### AIM OF THE EXERCISE
Below are records to repeat exactly. Omit the pictures from the copy.

### DATA TO USE
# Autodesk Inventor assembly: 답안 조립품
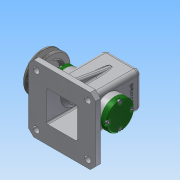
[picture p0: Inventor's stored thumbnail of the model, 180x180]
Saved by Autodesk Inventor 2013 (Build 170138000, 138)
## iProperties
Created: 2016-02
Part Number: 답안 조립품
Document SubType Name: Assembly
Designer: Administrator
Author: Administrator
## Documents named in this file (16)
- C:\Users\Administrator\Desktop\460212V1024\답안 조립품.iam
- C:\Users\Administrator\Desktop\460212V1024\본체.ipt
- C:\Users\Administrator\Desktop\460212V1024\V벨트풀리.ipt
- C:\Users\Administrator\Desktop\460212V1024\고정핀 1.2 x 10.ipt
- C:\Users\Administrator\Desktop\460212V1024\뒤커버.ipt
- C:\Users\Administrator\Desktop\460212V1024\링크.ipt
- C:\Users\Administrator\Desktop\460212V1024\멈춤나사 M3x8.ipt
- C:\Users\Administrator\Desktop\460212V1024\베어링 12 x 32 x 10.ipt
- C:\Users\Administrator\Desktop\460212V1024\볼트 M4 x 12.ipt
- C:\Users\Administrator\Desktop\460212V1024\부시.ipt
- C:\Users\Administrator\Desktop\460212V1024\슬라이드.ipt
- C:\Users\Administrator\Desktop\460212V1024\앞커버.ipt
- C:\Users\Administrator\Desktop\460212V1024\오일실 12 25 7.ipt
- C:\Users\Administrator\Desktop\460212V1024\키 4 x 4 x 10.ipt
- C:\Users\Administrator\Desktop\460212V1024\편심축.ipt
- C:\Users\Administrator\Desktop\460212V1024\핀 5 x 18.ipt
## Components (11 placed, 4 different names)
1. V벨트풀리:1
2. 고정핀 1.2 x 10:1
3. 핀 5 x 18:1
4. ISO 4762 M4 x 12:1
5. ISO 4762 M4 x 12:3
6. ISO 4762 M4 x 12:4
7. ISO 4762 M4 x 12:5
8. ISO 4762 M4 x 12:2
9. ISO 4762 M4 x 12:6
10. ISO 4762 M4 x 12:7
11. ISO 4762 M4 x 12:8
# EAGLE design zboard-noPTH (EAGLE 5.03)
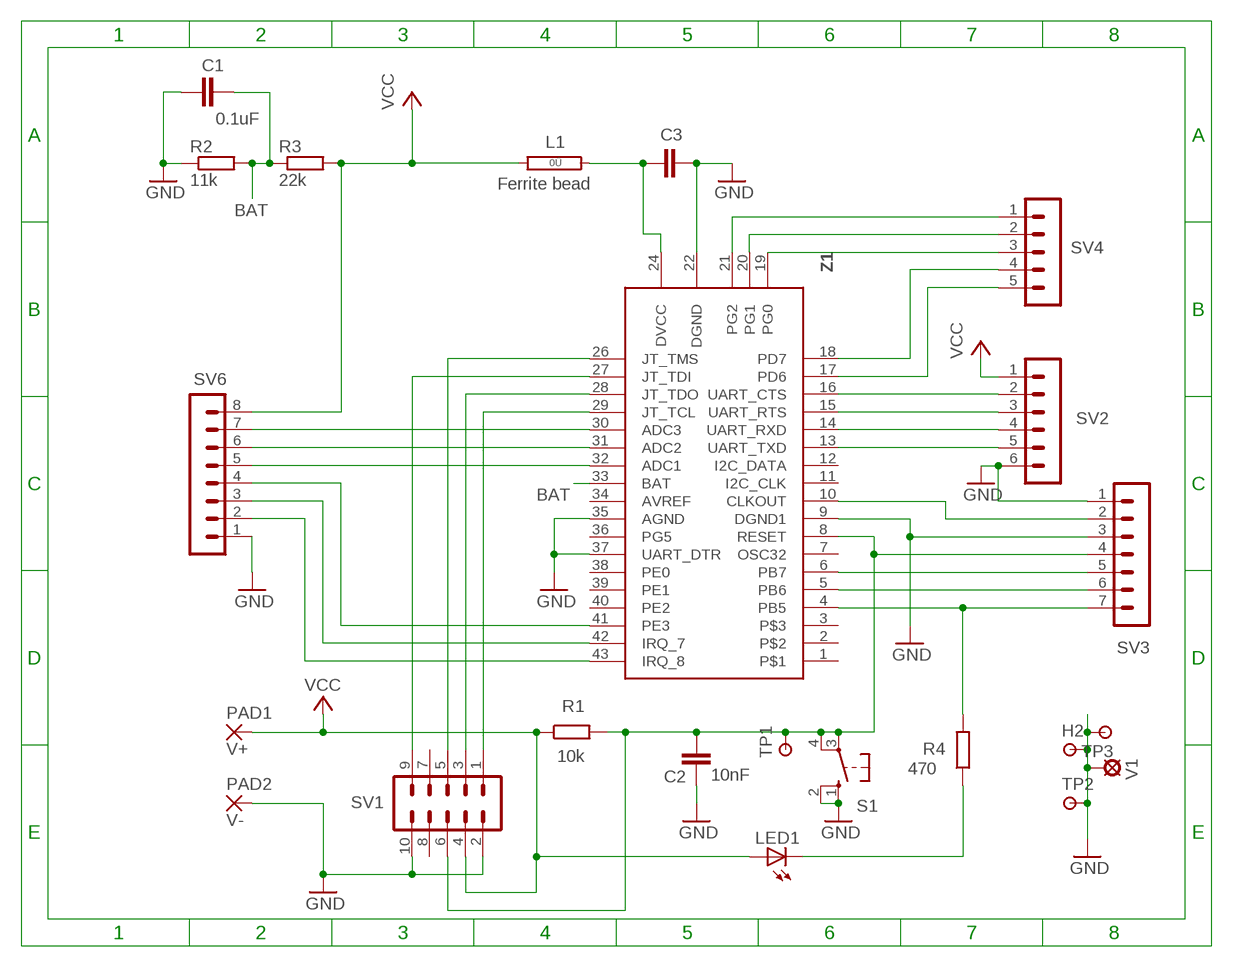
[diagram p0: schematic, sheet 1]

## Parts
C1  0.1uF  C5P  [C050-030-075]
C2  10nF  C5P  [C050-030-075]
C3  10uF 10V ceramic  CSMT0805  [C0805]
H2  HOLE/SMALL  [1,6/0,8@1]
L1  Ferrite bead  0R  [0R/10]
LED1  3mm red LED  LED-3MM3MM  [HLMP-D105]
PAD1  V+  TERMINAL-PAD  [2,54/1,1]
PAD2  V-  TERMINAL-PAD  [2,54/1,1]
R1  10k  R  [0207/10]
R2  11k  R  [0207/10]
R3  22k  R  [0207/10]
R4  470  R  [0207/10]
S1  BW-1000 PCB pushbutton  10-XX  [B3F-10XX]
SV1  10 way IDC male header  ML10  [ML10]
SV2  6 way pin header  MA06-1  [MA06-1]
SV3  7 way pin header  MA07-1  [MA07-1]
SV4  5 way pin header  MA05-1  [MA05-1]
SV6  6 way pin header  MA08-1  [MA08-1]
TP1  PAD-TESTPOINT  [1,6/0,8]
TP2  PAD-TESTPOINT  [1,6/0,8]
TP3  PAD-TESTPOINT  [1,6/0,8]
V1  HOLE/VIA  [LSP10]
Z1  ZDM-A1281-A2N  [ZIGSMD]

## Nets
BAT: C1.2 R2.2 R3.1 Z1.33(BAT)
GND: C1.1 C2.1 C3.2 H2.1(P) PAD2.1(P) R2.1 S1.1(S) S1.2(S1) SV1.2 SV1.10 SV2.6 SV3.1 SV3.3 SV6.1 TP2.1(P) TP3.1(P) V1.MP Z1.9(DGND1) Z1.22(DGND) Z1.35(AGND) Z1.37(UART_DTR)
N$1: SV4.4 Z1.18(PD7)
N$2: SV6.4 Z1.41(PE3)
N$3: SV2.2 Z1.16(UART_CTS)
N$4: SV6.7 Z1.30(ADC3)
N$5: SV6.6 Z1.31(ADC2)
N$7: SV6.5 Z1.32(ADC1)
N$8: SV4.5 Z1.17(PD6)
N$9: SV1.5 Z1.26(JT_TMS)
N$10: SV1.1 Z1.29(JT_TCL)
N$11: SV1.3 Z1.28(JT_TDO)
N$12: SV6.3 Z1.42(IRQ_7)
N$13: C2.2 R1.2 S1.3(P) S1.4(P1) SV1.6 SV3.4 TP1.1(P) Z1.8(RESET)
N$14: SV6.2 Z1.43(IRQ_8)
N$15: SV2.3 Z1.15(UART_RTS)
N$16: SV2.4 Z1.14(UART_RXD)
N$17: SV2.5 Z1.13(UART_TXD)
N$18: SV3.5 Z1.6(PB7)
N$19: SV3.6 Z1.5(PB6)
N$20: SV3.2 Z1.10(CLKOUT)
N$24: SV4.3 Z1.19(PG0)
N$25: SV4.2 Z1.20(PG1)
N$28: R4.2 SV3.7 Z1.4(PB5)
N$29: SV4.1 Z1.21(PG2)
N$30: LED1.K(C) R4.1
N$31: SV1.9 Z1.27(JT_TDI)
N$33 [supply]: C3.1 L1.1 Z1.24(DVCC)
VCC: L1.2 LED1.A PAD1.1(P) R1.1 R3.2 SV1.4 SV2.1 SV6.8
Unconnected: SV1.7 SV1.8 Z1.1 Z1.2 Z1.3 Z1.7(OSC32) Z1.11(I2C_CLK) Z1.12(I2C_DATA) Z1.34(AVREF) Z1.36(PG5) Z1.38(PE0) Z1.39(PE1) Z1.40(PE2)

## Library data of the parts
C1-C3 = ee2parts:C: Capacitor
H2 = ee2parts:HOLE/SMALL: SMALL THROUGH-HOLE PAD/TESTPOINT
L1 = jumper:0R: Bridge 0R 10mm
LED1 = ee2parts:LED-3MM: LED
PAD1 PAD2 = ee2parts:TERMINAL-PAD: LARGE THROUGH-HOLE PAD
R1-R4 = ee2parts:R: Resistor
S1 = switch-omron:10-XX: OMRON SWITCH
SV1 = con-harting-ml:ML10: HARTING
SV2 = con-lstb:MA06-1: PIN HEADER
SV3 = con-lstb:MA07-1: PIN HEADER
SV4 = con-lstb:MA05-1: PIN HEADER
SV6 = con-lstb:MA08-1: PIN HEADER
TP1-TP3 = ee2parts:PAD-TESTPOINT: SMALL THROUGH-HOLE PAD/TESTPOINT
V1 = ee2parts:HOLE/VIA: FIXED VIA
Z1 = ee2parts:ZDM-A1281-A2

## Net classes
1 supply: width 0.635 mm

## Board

### EXPECTED ANSWER
# Autodesk Inventor assembly: 답안 조립품
[picture p0: Inventor's stored thumbnail of the model, 180x180]
Saved by Autodesk Inventor 2013 (Build 170138000, 138)
## iProperties
Created: 2016-02
Part Number: 답안 조립품
Document SubType Name: Assembly
Designer: Administrator
Author: Administrator
## Documents named in this file (16)
- C:\Users\Administrator\Desktop\460212V1024\답안 조립품.iam
- C:\Users\Administrator\Desktop\460212V1024\본체.ipt
- C:\Users\Administrator\Desktop\460212V1024\V벨트풀리.ipt
- C:\Users\Administrator\Desktop\460212V1024\고정핀 1.2 x 10.ipt
- C:\Users\Administrator\Desktop\460212V1024\뒤커버.ipt
- C:\Users\Administrator\Desktop\460212V1024\링크.ipt
- C:\Users\Administrator\Desktop\460212V1024\멈춤나사 M3x8.ipt
- C:\Users\Administrator\Desktop\460212V1024\베어링 12 x 32 x 10.ipt
- C:\Users\Administrator\Desktop\460212V1024\볼트 M4 x 12.ipt
- C:\Users\Administrator\Desktop\460212V1024\부시.ipt
- C:\Users\Administrator\Desktop\460212V1024\슬라이드.ipt
- C:\Users\Administrator\Desktop\460212V1024\앞커버.ipt
- C:\Users\Administrator\Desktop\460212V1024\오일실 12 25 7.ipt
- C:\Users\Administrator\Desktop\460212V1024\키 4 x 4 x 10.ipt
- C:\Users\Administrator\Desktop\460212V1024\편심축.ipt
- C:\Users\Administrator\Desktop\460212V1024\핀 5 x 18.ipt
## Components (11 placed, 4 different names)
1. V벨트풀리:1
2. 고정핀 1.2 x 10:1
3. 핀 5 x 18:1
4. ISO 4762 M4 x 12:1
5. ISO 4762 M4 x 12:3
6. ISO 4762 M4 x 12:4
7. ISO 4762 M4 x 12:5
8. ISO 4762 M4 x 12:2
9. ISO 4762 M4 x 12:6
10. ISO 4762 M4 x 12:7
11. ISO 4762 M4 x 12:8
# EAGLE design zboard-noPTH (EAGLE 5.03)
[diagram p0: schematic, sheet 1]

## Parts
C1  0.1uF  C5P  [C050-030-075]
C2  10nF  C5P  [C050-030-075]
C3  10uF 10V ceramic  CSMT0805  [C0805]
H2  HOLE/SMALL  [1,6/0,8@1]
L1  Ferrite bead  0R  [0R/10]
LED1  3mm red LED  LED-3MM3MM  [HLMP-D105]
PAD1  V+  TERMINAL-PAD  [2,54/1,1]
PAD2  V-  TERMINAL-PAD  [2,54/1,1]
R1  10k  R  [0207/10]
R2  11k  R  [0207/10]
R3  22k  R  [0207/10]
R4  470  R  [0207/10]
S1  BW-1000 PCB pushbutton  10-XX  [B3F-10XX]
SV1  10 way IDC male header  ML10  [ML10]
SV2  6 way pin header  MA06-1  [MA06-1]
SV3  7 way pin header  MA07-1  [MA07-1]
SV4  5 way pin header  MA05-1  [MA05-1]
SV6  6 way pin header  MA08-1  [MA08-1]
TP1  PAD-TESTPOINT  [1,6/0,8]
TP2  PAD-TESTPOINT  [1,6/0,8]
TP3  PAD-TESTPOINT  [1,6/0,8]
V1  HOLE/VIA  [LSP10]
Z1  ZDM-A1281-A2N  [ZIGSMD]

## Nets
BAT: C1.2 R2.2 R3.1 Z1.33(BAT)
GND: C1.1 C2.1 C3.2 H2.1(P) PAD2.1(P) R2.1 S1.1(S) S1.2(S1) SV1.2 SV1.10 SV2.6 SV3.1 SV3.3 SV6.1 TP2.1(P) TP3.1(P) V1.MP Z1.9(DGND1) Z1.22(DGND) Z1.35(AGND) Z1.37(UART_DTR)
N$1: SV4.4 Z1.18(PD7)
N$2: SV6.4 Z1.41(PE3)
N$3: SV2.2 Z1.16(UART_CTS)
N$4: SV6.7 Z1.30(ADC3)
N$5: SV6.6 Z1.31(ADC2)
N$7: SV6.5 Z1.32(ADC1)
N$8: SV4.5 Z1.17(PD6)
N$9: SV1.5 Z1.26(JT_TMS)
N$10: SV1.1 Z1.29(JT_TCL)
N$11: SV1.3 Z1.28(JT_TDO)
N$12: SV6.3 Z1.42(IRQ_7)
N$13: C2.2 R1.2 S1.3(P) S1.4(P1) SV1.6 SV3.4 TP1.1(P) Z1.8(RESET)
N$14: SV6.2 Z1.43(IRQ_8)
N$15: SV2.3 Z1.15(UART_RTS)
N$16: SV2.4 Z1.14(UART_RXD)
N$17: SV2.5 Z1.13(UART_TXD)
N$18: SV3.5 Z1.6(PB7)
N$19: SV3.6 Z1.5(PB6)
N$20: SV3.2 Z1.10(CLKOUT)
N$24: SV4.3 Z1.19(PG0)
N$25: SV4.2 Z1.20(PG1)
N$28: R4.2 SV3.7 Z1.4(PB5)
N$29: SV4.1 Z1.21(PG2)
N$30: LED1.K(C) R4.1
N$31: SV1.9 Z1.27(JT_TDI)
N$33 [supply]: C3.1 L1.1 Z1.24(DVCC)
VCC: L1.2 LED1.A PAD1.1(P) R1.1 R3.2 SV1.4 SV2.1 SV6.8
Unconnected: SV1.7 SV1.8 Z1.1 Z1.2 Z1.3 Z1.7(OSC32) Z1.11(I2C_CLK) Z1.12(I2C_DATA) Z1.34(AVREF) Z1.36(PG5) Z1.38(PE0) Z1.39(PE1) Z1.40(PE2)

## Library data of the parts
C1-C3 = ee2parts:C: Capacitor
H2 = ee2parts:HOLE/SMALL: SMALL THROUGH-HOLE PAD/TESTPOINT
L1 = jumper:0R: Bridge 0R 10mm
LED1 = ee2parts:LED-3MM: LED
PAD1 PAD2 = ee2parts:TERMINAL-PAD: LARGE THROUGH-HOLE PAD
R1-R4 = ee2parts:R: Resistor
S1 = switch-omron:10-XX: OMRON SWITCH
SV1 = con-harting-ml:ML10: HARTING
SV2 = con-lstb:MA06-1: PIN HEADER
SV3 = con-lstb:MA07-1: PIN HEADER
SV4 = con-lstb:MA05-1: PIN HEADER
SV6 = con-lstb:MA08-1: PIN HEADER
TP1-TP3 = ee2parts:PAD-TESTPOINT: SMALL THROUGH-HOLE PAD/TESTPOINT
V1 = ee2parts:HOLE/VIA: FIXED VIA
Z1 = ee2parts:ZDM-A1281-A2

## Net classes
1 supply: width 0.635 mm

## Board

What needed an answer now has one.